**WHAT TO WORK ON**
Repeat the records verbatim and leave the pictures out of your copy.

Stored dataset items

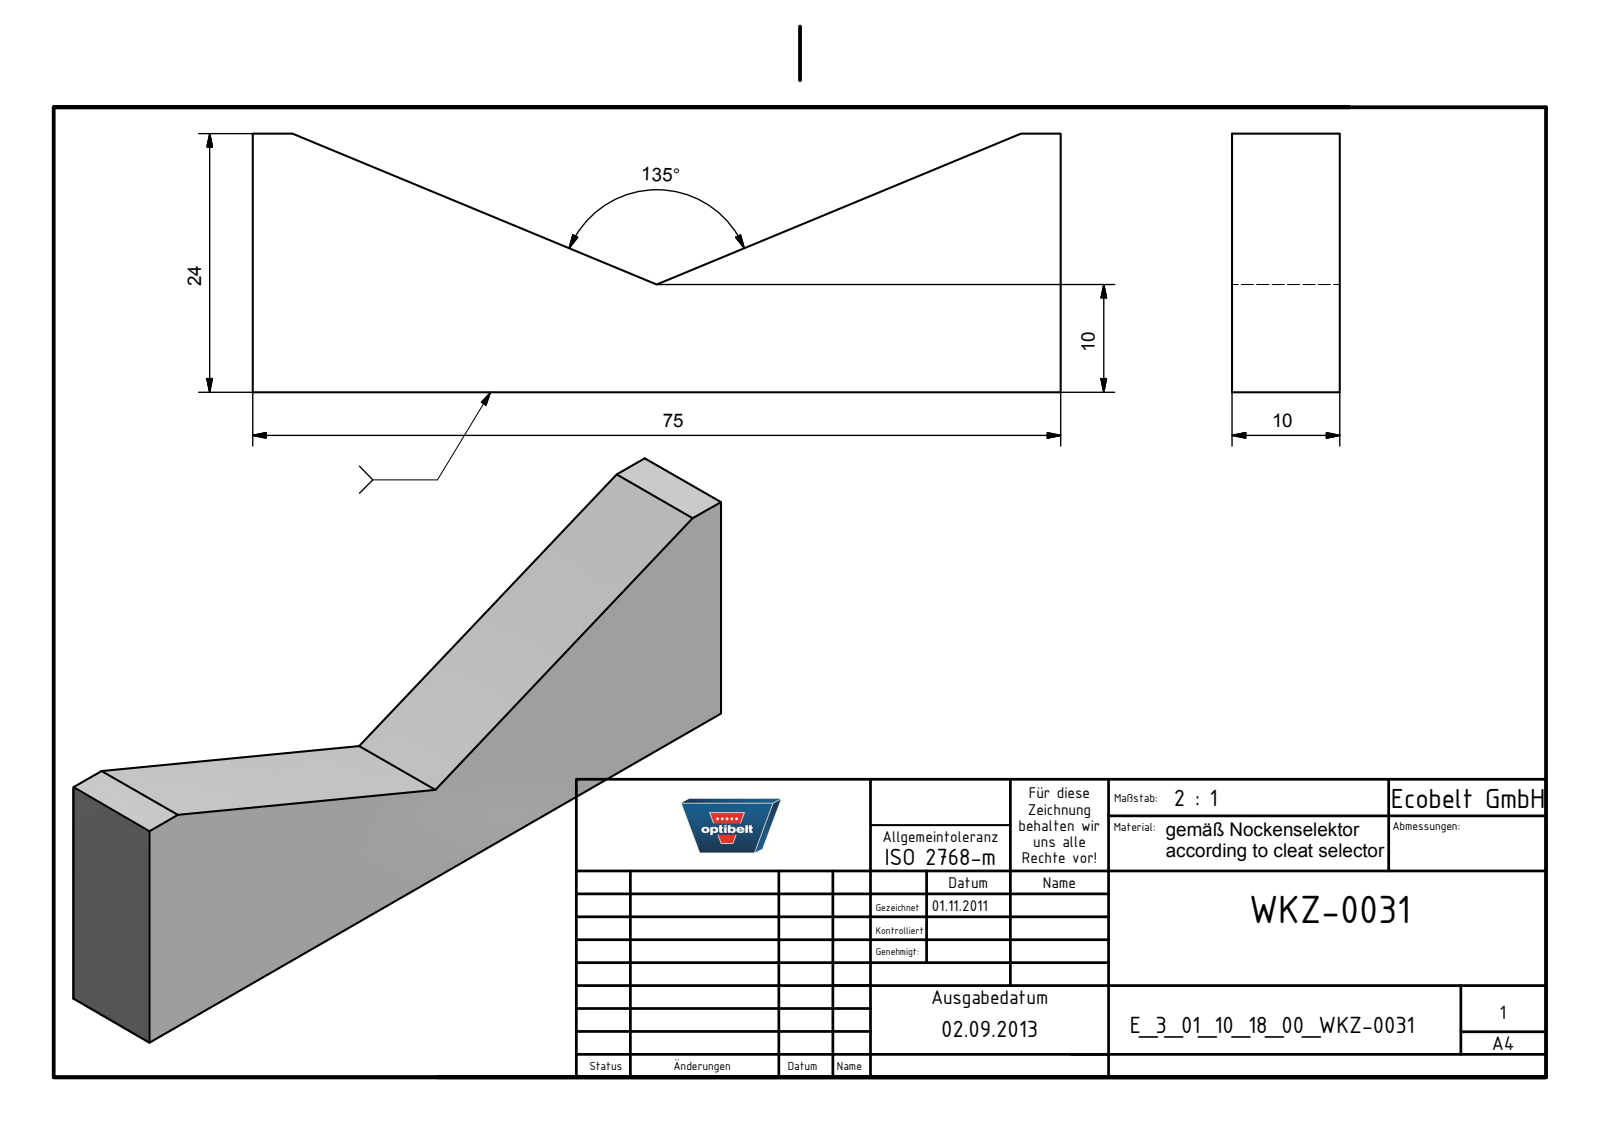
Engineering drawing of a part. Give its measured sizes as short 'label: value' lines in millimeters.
name: E_3_01_10_18_00_WKZ-0031
written by: Autodesk Inventor 2021 (AUTOMOTIVE_DESIGN)
unit: mm
bodies: 1 solid, 9 faces (9 planar, 0 cylindrical, 0 other)
size: 75 × 24 × 10
volume: 13 268 mm³; area: 4 689 mm²
face distances: 10, 75, 24
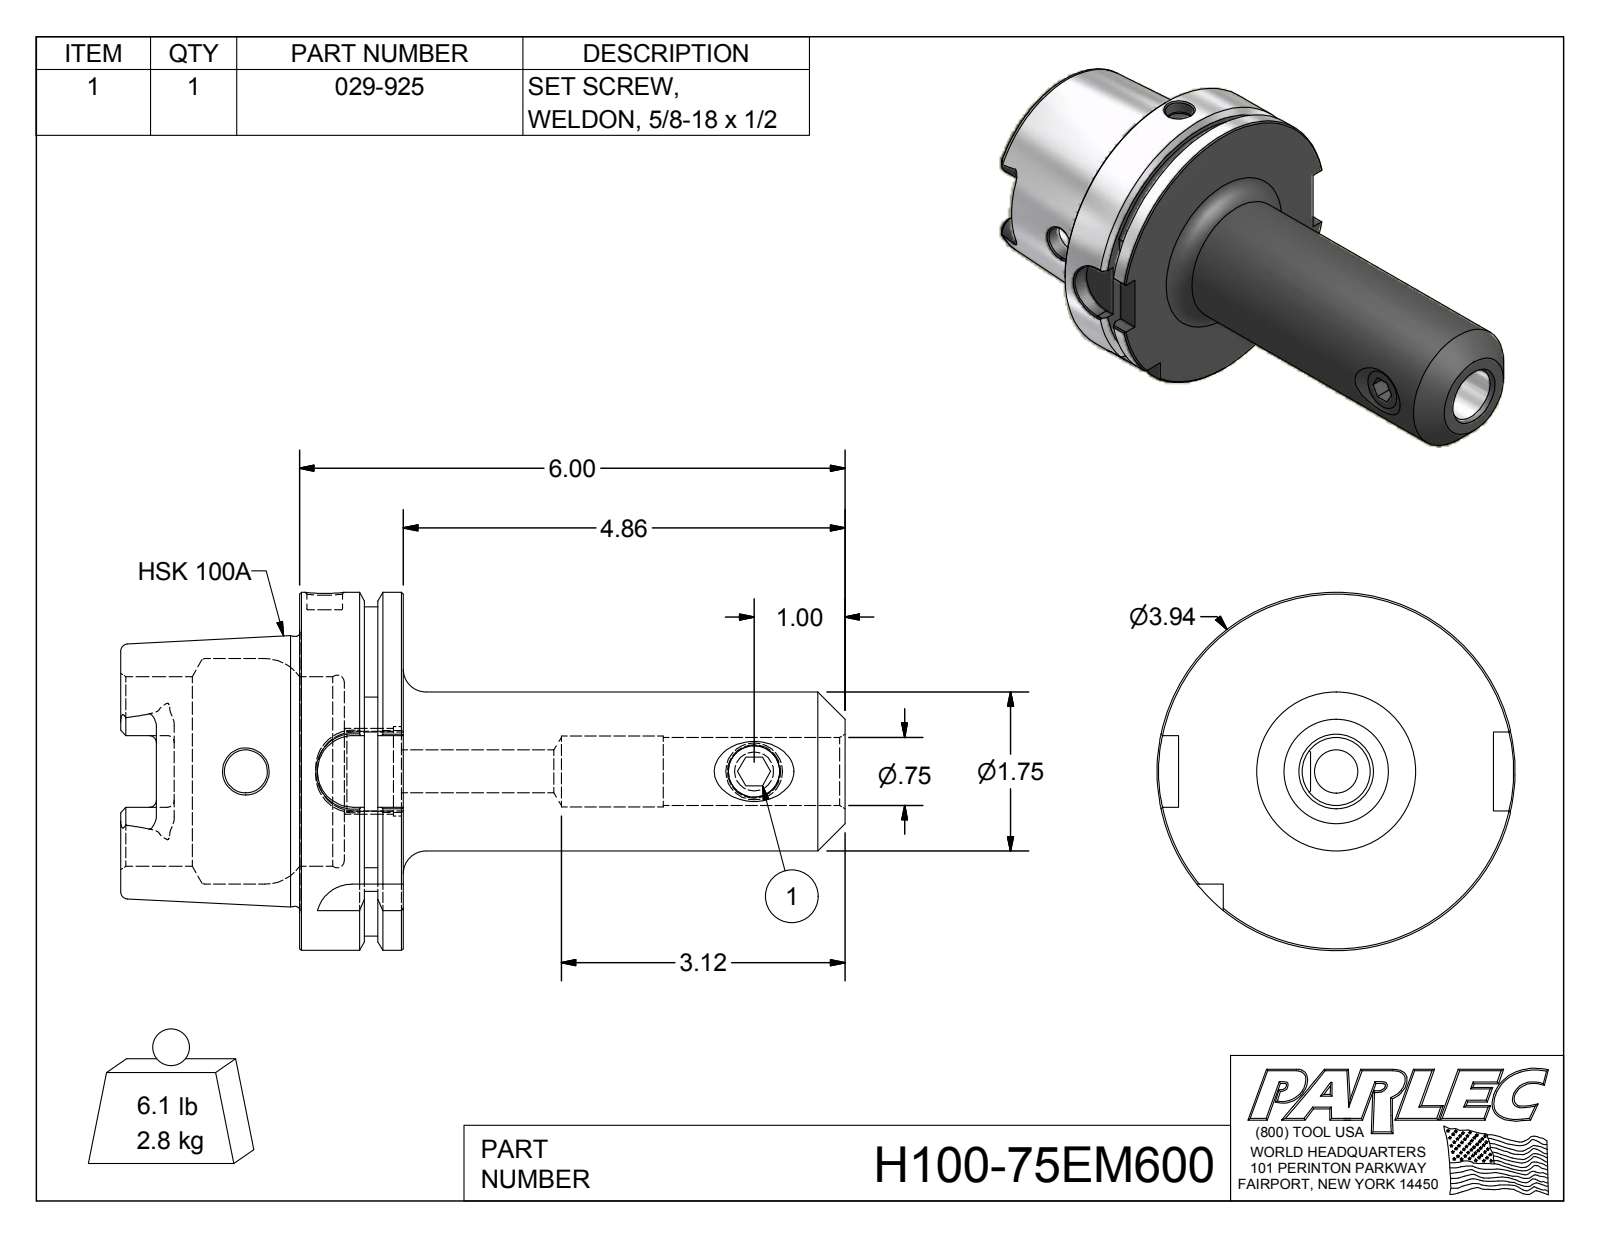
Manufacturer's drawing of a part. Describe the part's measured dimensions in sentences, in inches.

**WRITTEN REPLY**
Engineering drawing of a part. Give its measured sizes as short 'label: value' lines in millimeters.
name: E_3_01_10_18_00_WKZ-0031
written by: Autodesk Inventor 2021 (AUTOMOTIVE_DESIGN)
unit: mm
bodies: 1 solid, 9 faces (9 planar, 0 cylindrical, 0 other)
size: 75 × 24 × 10
volume: 13 268 mm³; area: 4 689 mm²
face distances: 10, 75, 24
Manufacturer's drawing of a part. Describe the part's measured dimensions in sentences, in inches.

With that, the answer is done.